After I got home and had some time to think, I wanted to know about the changes that I hoped were being made at Palo Verde. This year I went looking for answers. The first place I went was back to Palo Verde, where I spoke with Tanya Lauer, a therapist in the youth wing. During our interview, I noticed a picture tacked up on a corkboard behind her. It was drawn while I was there by the boy with the scissors.
I asked Tanya about Palo Verde and if there had been any changes since I'd been there in 2005. She said that there had been quite a few: "Right now, cognitive behavioral therapy is mostly used, before it had been a lot more just behavior therapy. Palo Verde is a hospital, so its first [responsibility] is to medically treat and stabilize patients and to combine that hopefully with a positive therapeutic experience." The switch to cognitive behavioral therapy is, in my opinion, a very good change because it focuses on the causes of mental illness rather than just the symptoms.
Behavioral health care for young people has been leaning toward outpatient care that incorporates the family, instead of short-term hospital stays, Mike Letson said.
After I spoke with Tanya, I began wondering where the funding and money comes from to run organizations like Palo Verde — I wondered if a lack of money could have affected the quality of care. I interviewed Neal Cash, the CEO and president of Community Partnership of Southern Arizona, the administrative organization that channels taxpayer money to mental healthcare providers across Southern Arizona.
Neal told me that money that comes from the Legislature plays a large factor in what kind of care is offered by mental-health providers. "We have had no new state money in about four or five years for any of the population. Legislatively-appropriated state money for adults and kids has been very tough to go after."
When I asked about the reasons for the lack of state money, he told me, "Part of the rationale is just a mean-spirited, very punitive Legislature. We have people who feel like government shouldn't be involved — 'we don't want these programs,' 'they cost us money,' on and on and on."

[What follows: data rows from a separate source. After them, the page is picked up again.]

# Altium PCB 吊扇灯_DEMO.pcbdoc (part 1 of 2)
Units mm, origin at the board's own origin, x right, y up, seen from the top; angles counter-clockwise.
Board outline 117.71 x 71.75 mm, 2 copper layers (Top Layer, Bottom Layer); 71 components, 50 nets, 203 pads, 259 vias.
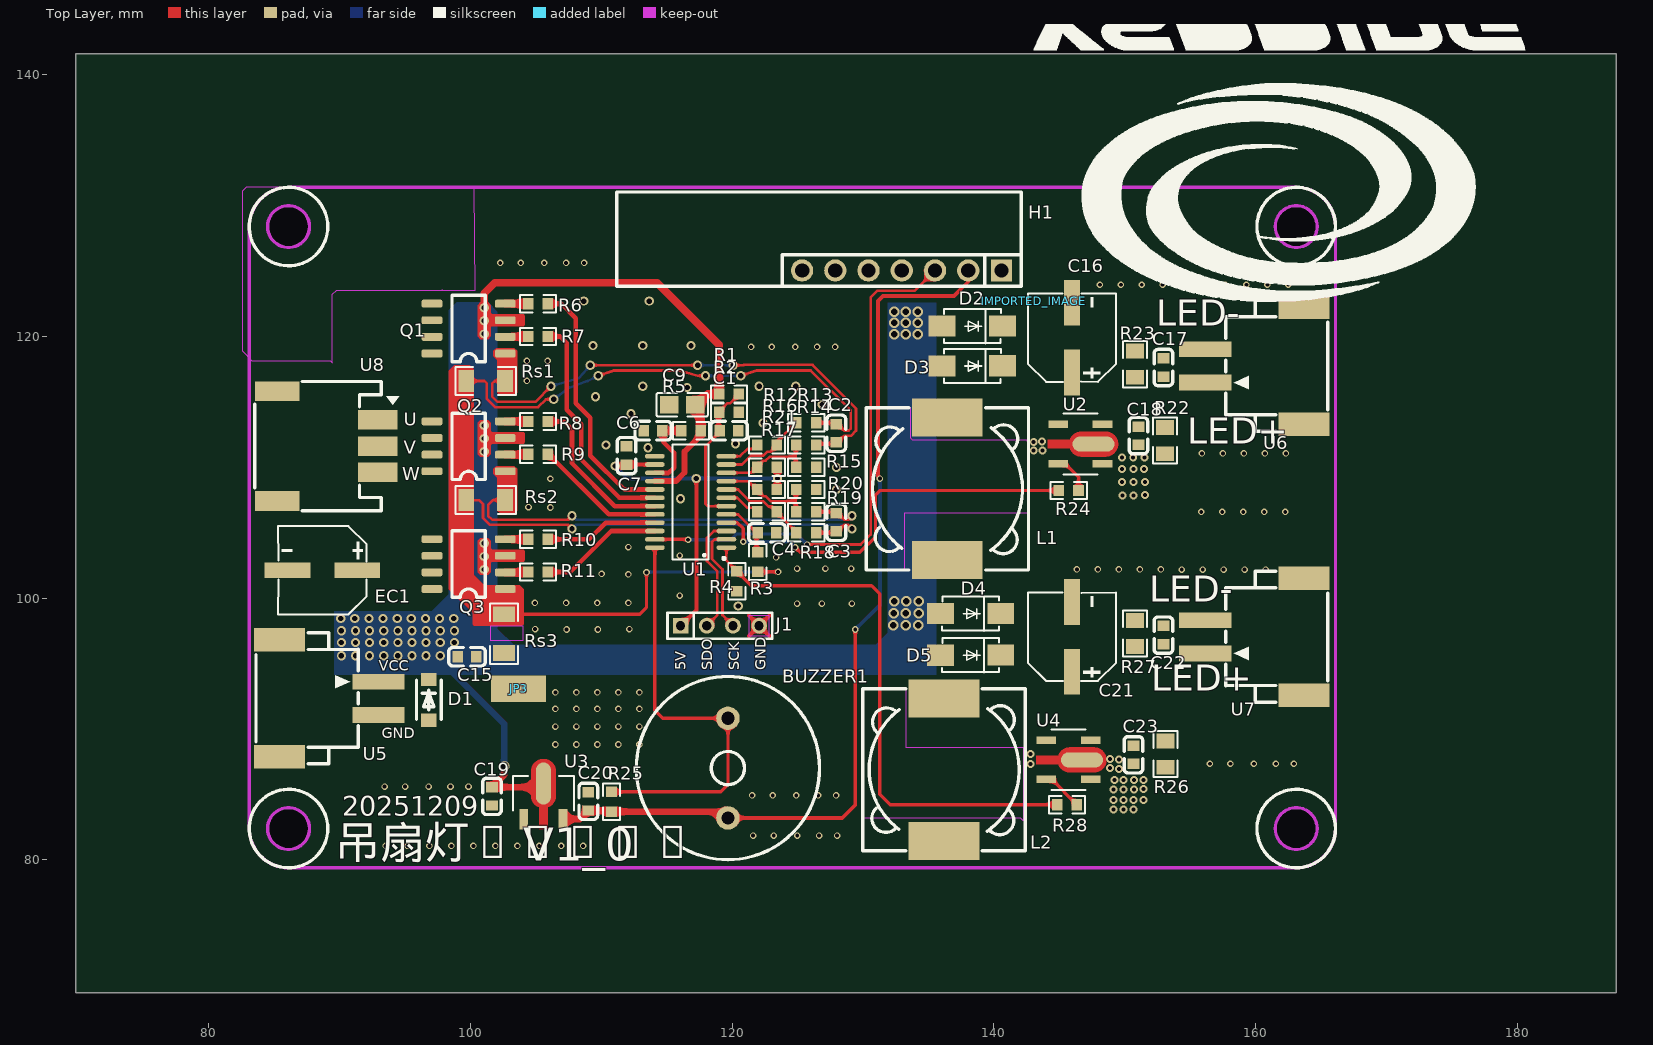
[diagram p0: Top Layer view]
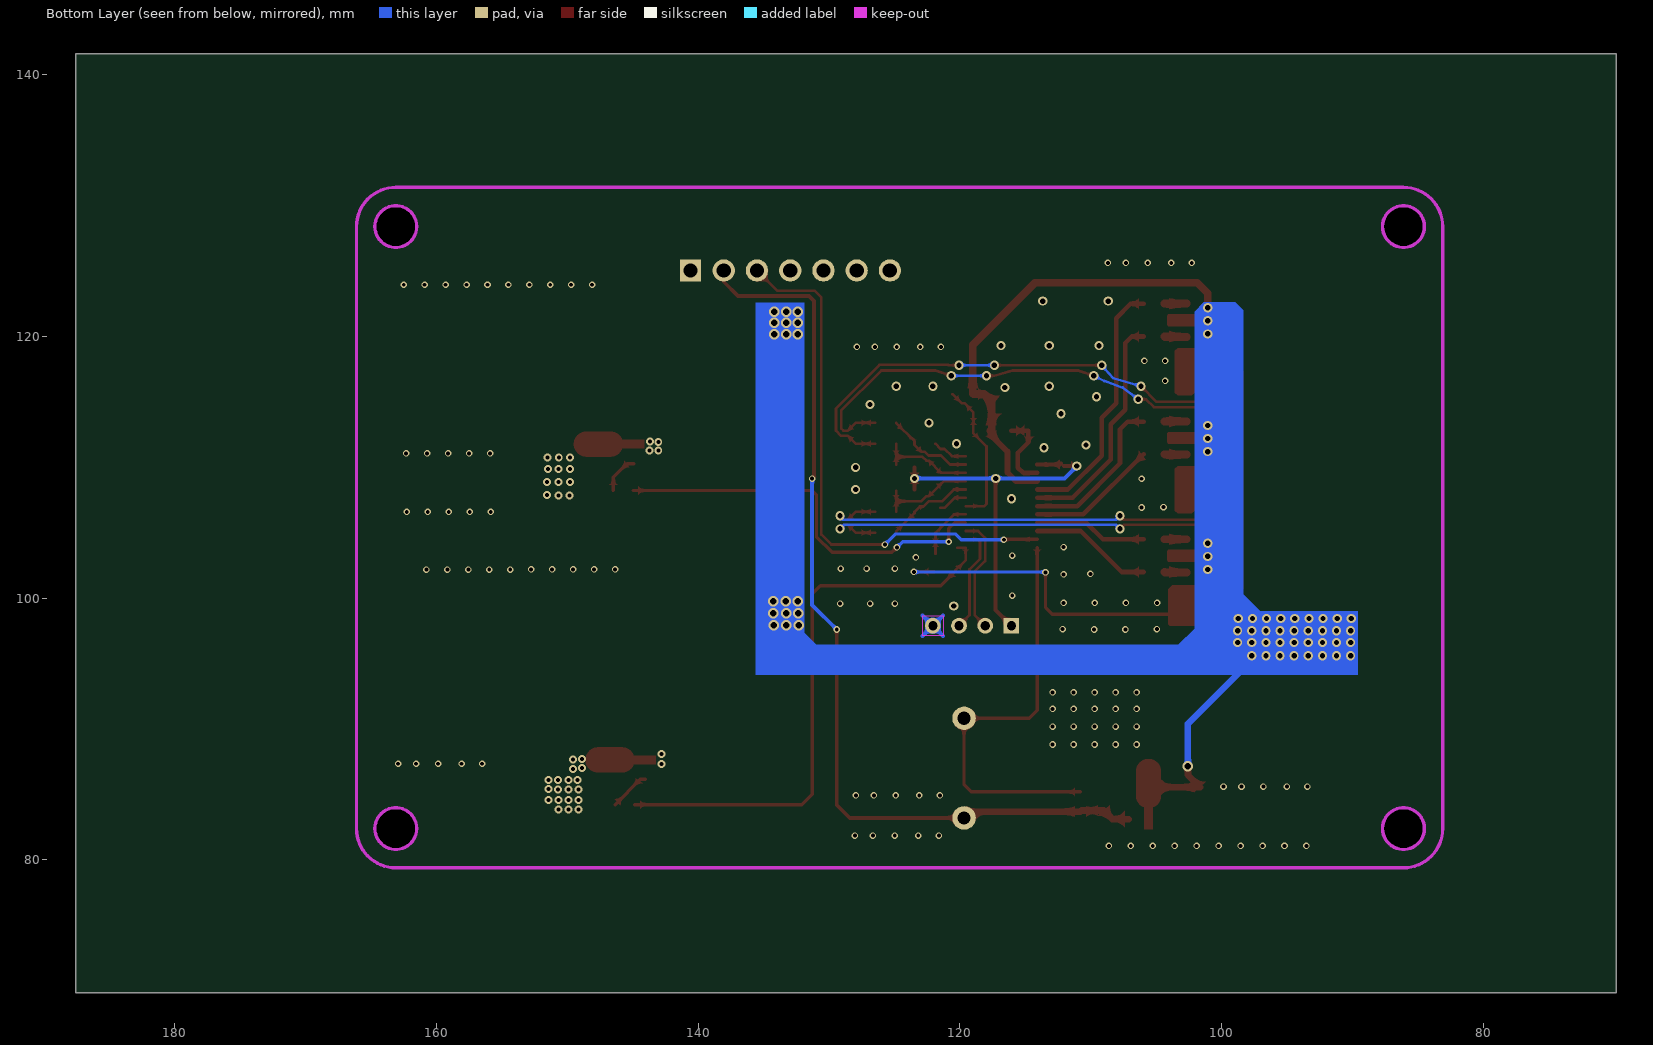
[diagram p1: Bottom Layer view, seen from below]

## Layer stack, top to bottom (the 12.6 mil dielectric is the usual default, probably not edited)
Top Layer: signal copper (thickness not stored)
Dielectric: dielectric 0.32, FR-4, Dk 4.8
Bottom Layer: signal copper (thickness not stored)

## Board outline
187.563,69.85 69.85,69.85 69.85,141.605 187.563,141.605
cut-out: 87.709,128.4 ccw(c86.109,128.392) 84.509,128.4 ccw(c86.109,128.409)
cut-out: 87.709,82.4 ccw(c86.109,82.392) 84.509,82.4 ccw(c86.109,82.409)
cut-out: 164.709,82.4 ccw(c163.109,82.4) 161.509,82.4 ccw(c163.109,82.4)
cut-out: 164.709,128.4 ccw(c163.109,128.4) 161.509,128.4 ccw(c163.109,128.4)

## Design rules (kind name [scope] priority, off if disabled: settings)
BoardOutlineClearance safeClearance [All] p0: genericclearance=0.254 ignorepadtopadclearanceinfootprint=FALSE except(0: Arc-SplitContinuation Track-SplitContinuation SMDPad-SplitContinuation THPad-SplitContinuation Via-SplitContinuation Fill-SplitContinuation Poly-SplitContinuation Region-SplitContinuation Text-SplitContinuation; 0.3: Track-OutlineEdge SMDPad-OutlineEdge THPad-OutlineEdge Via-OutlineEdge Fill-OutlineEdge Region-OutlineEdge Poly-OutlineEdge Text-OutlineEdge Track-CutoutEdge SMDPad-CutoutEdge THPad-CutoutEdge Via-CutoutEdge Fill-CutoutEdge Region-CutoutEdge)
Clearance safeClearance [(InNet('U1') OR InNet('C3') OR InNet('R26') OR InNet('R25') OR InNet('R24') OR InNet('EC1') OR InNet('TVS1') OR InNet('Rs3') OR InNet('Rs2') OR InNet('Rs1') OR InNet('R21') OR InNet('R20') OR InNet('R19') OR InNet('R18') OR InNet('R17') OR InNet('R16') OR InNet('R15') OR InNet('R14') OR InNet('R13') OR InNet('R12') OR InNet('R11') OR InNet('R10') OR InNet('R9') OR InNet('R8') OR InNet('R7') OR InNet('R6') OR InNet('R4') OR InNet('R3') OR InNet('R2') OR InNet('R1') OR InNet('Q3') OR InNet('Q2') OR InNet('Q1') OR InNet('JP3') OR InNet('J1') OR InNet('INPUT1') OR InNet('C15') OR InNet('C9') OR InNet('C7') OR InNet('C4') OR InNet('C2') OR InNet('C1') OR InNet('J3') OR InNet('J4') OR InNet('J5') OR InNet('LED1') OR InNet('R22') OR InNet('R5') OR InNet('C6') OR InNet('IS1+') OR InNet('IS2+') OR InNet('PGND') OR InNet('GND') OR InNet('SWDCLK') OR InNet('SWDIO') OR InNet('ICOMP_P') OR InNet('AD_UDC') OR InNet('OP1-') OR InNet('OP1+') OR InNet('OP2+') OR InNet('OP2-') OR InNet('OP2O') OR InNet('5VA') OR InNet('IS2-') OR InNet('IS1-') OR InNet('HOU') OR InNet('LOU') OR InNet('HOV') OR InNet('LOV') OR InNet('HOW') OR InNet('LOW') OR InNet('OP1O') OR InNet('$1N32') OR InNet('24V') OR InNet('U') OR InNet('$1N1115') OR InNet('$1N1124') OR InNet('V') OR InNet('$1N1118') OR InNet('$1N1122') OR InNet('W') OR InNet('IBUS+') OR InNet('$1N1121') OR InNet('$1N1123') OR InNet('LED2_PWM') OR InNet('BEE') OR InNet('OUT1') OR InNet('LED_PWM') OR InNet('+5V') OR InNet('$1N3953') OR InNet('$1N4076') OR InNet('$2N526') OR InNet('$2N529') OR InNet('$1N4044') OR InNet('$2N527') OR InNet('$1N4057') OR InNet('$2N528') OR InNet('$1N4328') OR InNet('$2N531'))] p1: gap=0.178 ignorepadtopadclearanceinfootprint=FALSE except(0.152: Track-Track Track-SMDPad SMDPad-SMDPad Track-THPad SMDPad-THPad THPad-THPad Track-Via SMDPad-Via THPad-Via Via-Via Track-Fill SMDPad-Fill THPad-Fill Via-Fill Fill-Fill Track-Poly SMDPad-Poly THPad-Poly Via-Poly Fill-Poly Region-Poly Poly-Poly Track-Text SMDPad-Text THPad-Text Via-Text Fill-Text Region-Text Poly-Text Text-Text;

According to Neal, the community can help draw more attention to mental health care: "I always encourage everybody to get politically active and to understand what's going on. I think that what people need to do is know who you're represented by and get to know and talk to the people who represent you. Some of them are very familiar with the behavioral-health community that they represent when they go to Phoenix."
Unfortunately, I feel that most youth my age aren't politically active, and that they don't care enough to have a voice in the Legislature.
* * *
Although I'm at risk for becoming depressed again because my illness was largely chemical and not just situational, I know that I've been one of the lucky ones when it comes to recovery. It took me until I was 16, but now I've finally pulled myself out of the hole that my depression created. I'm at a good place in my life and I'm pleased with the person I am today and the person I am becoming.
That said, my experiences at Palo Verde still haunt me. I worry about other teens who have heard stories like mine and who are hesitant or refuse to get treatment. I worry that even if these teens do get help that the treatment will be more traumatic and debilitating than the mental illness itself. I worry that most teens my age can't even afford to think about finding treatment in a country that doesn't provide adequate mental health care for everyone.
Even though mental illnesses are treatable, people who suffer from them — especially adolescents — don't know where to turn for help. My experiences at Palo Verde, coupled with the information I found about funding and mental healthcare, have shown me that if we want better mental health care in Tucson, we've got to fight for it.